Records to process

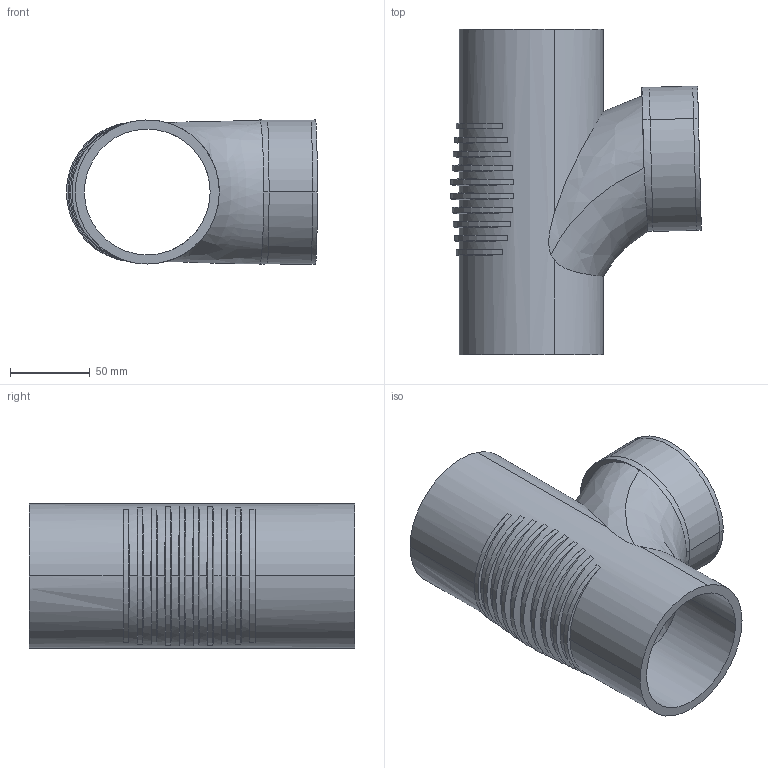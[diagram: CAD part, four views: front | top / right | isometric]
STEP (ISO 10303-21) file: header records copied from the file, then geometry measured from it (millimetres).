
FILE_DESCRIPTION(/* description */ (''),/* implementation_level */ '2;1');
FILE_NAME(/* name */ 'C:\Planerdaten\Export PLA\308.089.14.1\stp\308089.stp',/* time_stamp */ '2020-01-24T07:32:40+01:00',/* author */ ('JANAN'),/* organization */ (''),/* preprocessor_version */ 'ST-DEVELOPER v16.13',/* originating_system */ 'Autodesk Inventor 2018',/* authorisation */ '');
FILE_SCHEMA (('AUTOMOTIVE_DESIGN { 1 0 10303 214 3 1 1 }'));
Length unit declared in the file: millimetre
Products named in the file (1): Bogenabzweig PE-S2 88.5G d90/90
Bounding box: 157.17 x 204 x 90.37 mm (x, y, z)
Volume: 406876.7 mm3; surface area: 147756.6 mm2
Topology: 1 solids, 1 shells, 77 faces, 218 edges, 142 vertices
Faces by surface type: bspline 27, cylinder 24, cone 20, plane 5, torus 1
Entity records: 11489 total; most frequent: CARTESIAN_POINT 9568, ORIENTED_EDGE 436, DIRECTION 298, EDGE_CURVE 218, VERTEX_POINT 142, AXIS2_PLACEMENT_3D 117, B_SPLINE_CURVE_WITH_KNOTS 88, EDGE_LOOP 80

The problem
Without any of the pictures, set the entries down again exactly as written.

Output
[diagram: CAD part, four views: front | top / right | isometric]
STEP (ISO 10303-21) file: header records copied from the file, then geometry measured from it (millimetres).
FILE_DESCRIPTION(/* description */ (''),/* implementation_level */ '2;1');
FILE_NAME(/* name */ 'C:\Planerdaten\Export PLA\308.089.14.1\stp\308089.stp',/* time_stamp */ '2020-01-24T07:32:40+01:00',/* author */ ('JANAN'),/* organization */ (''),/* preprocessor_version */ 'ST-DEVELOPER v16.13',/* originating_system */ 'Autodesk Inventor 2018',/* authorisation */ '');
FILE_SCHEMA (('AUTOMOTIVE_DESIGN { 1 0 10303 214 3 1 1 }'));
Length unit declared in the file: millimetre
Products named in the file (1): Bogenabzweig PE-S2 88.5G d90/90
Bounding box: 157.17 x 204 x 90.37 mm (x, y, z)
Volume: 406876.7 mm3; surface area: 147756.6 mm2
Topology: 1 solids, 1 shells, 77 faces, 218 edges, 142 vertices
Faces by surface type: bspline 27, cylinder 24, cone 20, plane 5, torus 1
Entity records: 11489 total; most frequent: CARTESIAN_POINT 9568, ORIENTED_EDGE 436, DIRECTION 298, EDGE_CURVE 218, VERTEX_POINT 142, AXIS2_PLACEMENT_3D 117, B_SPLINE_CURVE_WITH_KNOTS 88, EDGE_LOOP 80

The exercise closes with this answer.